Algorithm outputs a series of repeated items but there are none in the training data
Closed this issue · 5 comments
Hallo,
I have noticed a behaviour that, to me, is a bit strange. I trained the algorithm with a series of sequences that had no repeated items, i.e. it's not possible that an item appears again immediately after itself, like 1 in the sequence [3, 2, 1, 1, 5, 7, 2].
When I generated the most frequent sequences, though, I obtained repeated items. Is it possible?

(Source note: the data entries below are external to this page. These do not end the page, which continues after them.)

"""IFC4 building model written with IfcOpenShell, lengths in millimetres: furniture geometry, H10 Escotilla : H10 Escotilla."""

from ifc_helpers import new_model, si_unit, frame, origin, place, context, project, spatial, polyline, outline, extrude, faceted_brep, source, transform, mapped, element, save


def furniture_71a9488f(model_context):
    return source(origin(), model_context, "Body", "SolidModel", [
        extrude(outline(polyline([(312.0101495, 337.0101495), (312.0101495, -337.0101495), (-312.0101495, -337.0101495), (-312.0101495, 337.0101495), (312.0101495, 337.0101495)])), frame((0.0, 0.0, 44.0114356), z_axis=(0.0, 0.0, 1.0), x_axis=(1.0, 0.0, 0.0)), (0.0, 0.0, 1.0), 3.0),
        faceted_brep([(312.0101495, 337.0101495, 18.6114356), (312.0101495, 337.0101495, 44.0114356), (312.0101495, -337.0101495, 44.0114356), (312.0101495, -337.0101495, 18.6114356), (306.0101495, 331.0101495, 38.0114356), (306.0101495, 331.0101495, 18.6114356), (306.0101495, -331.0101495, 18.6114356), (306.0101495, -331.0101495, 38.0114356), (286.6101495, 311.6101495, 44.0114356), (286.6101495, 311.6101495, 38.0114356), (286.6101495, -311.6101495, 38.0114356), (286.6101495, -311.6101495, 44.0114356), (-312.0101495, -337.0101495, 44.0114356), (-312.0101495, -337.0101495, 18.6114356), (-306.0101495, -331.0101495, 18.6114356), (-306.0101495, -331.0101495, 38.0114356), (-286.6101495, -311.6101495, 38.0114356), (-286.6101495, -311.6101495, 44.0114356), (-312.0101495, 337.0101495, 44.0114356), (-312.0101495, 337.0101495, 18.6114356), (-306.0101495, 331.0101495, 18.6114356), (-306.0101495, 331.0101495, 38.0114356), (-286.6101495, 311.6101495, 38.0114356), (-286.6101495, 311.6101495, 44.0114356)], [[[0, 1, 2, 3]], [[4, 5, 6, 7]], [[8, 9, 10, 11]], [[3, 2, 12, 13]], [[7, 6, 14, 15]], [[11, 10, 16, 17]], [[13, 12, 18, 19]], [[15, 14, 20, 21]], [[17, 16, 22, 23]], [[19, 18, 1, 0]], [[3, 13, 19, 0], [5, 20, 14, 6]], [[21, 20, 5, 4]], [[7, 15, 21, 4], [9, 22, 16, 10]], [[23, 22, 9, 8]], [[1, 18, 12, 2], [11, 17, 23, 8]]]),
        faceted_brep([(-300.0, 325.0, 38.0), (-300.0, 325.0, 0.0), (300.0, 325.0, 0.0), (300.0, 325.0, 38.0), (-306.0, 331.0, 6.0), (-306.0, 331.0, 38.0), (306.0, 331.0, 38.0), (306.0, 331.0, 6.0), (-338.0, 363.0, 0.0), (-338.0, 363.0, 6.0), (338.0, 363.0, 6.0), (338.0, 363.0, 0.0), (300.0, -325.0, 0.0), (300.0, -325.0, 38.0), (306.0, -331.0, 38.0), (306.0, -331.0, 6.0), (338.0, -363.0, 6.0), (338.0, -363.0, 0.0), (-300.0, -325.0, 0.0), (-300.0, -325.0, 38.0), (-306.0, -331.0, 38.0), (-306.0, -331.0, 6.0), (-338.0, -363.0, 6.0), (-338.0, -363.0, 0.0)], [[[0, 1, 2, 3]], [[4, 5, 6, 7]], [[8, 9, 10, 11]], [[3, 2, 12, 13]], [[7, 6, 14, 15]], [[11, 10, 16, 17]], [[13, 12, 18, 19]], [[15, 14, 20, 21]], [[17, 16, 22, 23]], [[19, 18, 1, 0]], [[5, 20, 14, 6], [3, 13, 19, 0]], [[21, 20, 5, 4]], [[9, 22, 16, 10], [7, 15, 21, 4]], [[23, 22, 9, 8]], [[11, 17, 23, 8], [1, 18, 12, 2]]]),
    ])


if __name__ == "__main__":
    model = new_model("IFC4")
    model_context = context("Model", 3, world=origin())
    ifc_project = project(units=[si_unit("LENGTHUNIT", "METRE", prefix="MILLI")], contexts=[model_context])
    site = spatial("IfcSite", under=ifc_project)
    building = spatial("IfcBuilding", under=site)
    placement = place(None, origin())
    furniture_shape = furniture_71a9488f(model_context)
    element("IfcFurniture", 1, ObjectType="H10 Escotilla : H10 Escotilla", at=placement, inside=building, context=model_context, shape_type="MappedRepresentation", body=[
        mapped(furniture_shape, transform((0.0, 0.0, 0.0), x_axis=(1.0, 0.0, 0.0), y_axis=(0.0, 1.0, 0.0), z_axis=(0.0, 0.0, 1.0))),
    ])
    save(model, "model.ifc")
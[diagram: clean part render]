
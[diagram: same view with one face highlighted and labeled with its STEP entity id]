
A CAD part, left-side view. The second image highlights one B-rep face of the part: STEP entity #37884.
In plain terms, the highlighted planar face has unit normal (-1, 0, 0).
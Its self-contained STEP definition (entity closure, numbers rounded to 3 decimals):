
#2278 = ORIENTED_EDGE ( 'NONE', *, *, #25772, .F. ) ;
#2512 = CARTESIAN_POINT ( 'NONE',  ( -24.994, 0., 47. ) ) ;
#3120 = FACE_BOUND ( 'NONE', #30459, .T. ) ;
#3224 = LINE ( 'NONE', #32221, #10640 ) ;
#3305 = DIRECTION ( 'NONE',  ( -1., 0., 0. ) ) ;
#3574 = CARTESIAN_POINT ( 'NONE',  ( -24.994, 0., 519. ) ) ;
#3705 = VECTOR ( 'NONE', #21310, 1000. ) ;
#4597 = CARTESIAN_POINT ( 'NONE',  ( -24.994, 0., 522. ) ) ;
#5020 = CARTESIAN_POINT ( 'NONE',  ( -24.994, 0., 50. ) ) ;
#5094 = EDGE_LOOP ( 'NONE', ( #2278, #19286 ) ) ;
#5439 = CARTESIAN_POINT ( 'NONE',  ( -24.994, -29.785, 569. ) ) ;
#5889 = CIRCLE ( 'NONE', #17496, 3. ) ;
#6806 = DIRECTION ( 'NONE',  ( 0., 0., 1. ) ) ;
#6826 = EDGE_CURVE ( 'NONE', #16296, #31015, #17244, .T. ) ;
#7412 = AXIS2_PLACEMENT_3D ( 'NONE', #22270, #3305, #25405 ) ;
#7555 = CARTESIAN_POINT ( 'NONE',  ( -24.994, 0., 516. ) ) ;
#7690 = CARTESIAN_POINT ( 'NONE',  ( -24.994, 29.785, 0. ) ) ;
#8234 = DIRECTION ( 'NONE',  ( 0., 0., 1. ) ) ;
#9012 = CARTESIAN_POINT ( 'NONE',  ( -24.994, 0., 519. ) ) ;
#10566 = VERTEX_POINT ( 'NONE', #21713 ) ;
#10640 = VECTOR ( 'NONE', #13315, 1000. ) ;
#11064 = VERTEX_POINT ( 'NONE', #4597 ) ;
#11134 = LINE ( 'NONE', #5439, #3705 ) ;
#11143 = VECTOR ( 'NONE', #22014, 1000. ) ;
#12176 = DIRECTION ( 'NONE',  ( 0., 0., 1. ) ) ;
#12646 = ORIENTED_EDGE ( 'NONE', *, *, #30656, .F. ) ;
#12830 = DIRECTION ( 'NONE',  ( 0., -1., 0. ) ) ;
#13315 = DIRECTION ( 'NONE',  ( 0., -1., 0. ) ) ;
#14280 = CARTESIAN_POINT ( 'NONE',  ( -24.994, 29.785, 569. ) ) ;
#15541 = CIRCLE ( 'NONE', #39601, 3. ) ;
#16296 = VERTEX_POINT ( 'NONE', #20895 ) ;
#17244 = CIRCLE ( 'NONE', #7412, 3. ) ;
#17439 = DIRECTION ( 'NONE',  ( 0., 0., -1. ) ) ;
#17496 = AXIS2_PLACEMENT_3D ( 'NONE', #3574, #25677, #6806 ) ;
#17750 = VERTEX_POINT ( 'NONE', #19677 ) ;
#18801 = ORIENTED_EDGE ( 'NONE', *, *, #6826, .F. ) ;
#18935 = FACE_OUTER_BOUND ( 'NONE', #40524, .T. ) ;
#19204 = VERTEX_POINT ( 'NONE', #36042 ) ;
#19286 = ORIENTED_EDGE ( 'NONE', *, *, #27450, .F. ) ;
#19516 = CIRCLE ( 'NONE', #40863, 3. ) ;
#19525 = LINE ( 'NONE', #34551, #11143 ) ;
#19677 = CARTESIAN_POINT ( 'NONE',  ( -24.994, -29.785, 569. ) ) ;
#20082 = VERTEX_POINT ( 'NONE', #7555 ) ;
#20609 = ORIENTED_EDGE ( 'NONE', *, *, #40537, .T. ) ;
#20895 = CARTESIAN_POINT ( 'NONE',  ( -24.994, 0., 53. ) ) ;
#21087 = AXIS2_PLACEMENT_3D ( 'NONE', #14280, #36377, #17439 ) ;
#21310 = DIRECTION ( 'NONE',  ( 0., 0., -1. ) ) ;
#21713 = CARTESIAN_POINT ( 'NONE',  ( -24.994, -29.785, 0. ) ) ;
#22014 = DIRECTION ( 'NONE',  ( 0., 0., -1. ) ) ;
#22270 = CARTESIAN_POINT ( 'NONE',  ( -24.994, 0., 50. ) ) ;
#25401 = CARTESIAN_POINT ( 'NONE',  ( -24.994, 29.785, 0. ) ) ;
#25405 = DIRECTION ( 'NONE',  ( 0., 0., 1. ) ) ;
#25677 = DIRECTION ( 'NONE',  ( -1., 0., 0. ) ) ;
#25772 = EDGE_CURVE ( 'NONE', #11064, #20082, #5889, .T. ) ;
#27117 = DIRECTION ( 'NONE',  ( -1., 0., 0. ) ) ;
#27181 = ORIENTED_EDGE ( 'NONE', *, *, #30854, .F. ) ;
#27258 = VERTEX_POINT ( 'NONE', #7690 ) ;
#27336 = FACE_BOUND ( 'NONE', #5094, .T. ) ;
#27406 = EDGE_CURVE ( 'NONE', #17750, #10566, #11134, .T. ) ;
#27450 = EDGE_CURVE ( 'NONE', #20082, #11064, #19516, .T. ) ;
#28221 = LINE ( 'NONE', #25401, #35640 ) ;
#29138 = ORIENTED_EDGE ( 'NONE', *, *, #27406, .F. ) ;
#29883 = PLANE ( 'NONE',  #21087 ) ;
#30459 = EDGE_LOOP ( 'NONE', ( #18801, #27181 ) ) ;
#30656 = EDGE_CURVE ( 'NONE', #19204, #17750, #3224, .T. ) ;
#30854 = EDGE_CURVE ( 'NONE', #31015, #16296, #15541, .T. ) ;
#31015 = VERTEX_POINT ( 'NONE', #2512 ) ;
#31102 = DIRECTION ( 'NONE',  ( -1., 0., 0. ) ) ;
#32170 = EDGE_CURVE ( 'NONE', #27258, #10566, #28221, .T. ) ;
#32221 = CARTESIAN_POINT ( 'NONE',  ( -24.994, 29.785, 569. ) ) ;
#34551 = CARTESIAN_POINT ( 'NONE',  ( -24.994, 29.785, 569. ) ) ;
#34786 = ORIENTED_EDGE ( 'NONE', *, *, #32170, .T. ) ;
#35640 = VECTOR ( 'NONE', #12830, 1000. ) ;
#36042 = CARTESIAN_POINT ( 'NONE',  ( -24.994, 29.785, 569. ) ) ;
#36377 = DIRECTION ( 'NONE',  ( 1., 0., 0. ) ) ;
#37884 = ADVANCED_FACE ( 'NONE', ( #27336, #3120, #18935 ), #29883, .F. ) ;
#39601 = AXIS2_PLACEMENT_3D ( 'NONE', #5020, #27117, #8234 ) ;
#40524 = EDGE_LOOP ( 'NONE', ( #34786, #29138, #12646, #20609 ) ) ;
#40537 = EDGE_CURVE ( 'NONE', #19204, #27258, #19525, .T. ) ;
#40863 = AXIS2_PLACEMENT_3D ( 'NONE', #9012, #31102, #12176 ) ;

For example, given the code:
seqs = [[22, 16],
[22, 21],
[22, 16, 14, 20],
[22, 16],
[22, 16, 34, 24, 26, 24, 26, 14, 13],
[22, 16],
[22, 26],
[22, 13, 34],
[22, 16],
[22, 21, 16]]
ps = PrefixSpan(seqs)
ps.minlen = 2
ps.maxlen = 10
freq_ratio = 0.1
freq = np.ceil(freq_ratio * len(seqs)).astype(int)
res = ps.frequent(freq)
The output has [26, 26, 14, 13]
I just made a small reproducible example, in my case the sequence dataset is ~1000 sequences. But the problem remains.
Thanks
Thank you for your answer! Here I just generated a small set of rules, so that it can fit in a post, but it happens also on the set of ~1000 sequences I'm analysing, like:
[22, 30, 30] with support 156 (13.3%)
Is it normal?
I am really not sure with just description. Can you provide a tiny sample?
I have attached a file with some example sequences. It does not contain sequences with repeated items (i.e. where the same number appears once and then immediately again) but in the output I obtain, for example:
(156, [22, 30, 30])
Thanks for your help
Attached file: seqs.txt
Hi, you seem to misunderstand the concept of pattern.
For example for one of your provided sequence [22, 1, 30, 1, 24, 30]
, pattern []22, 30, 30
IS a sub-pattern of this sequence. It is allowed to have other items in between.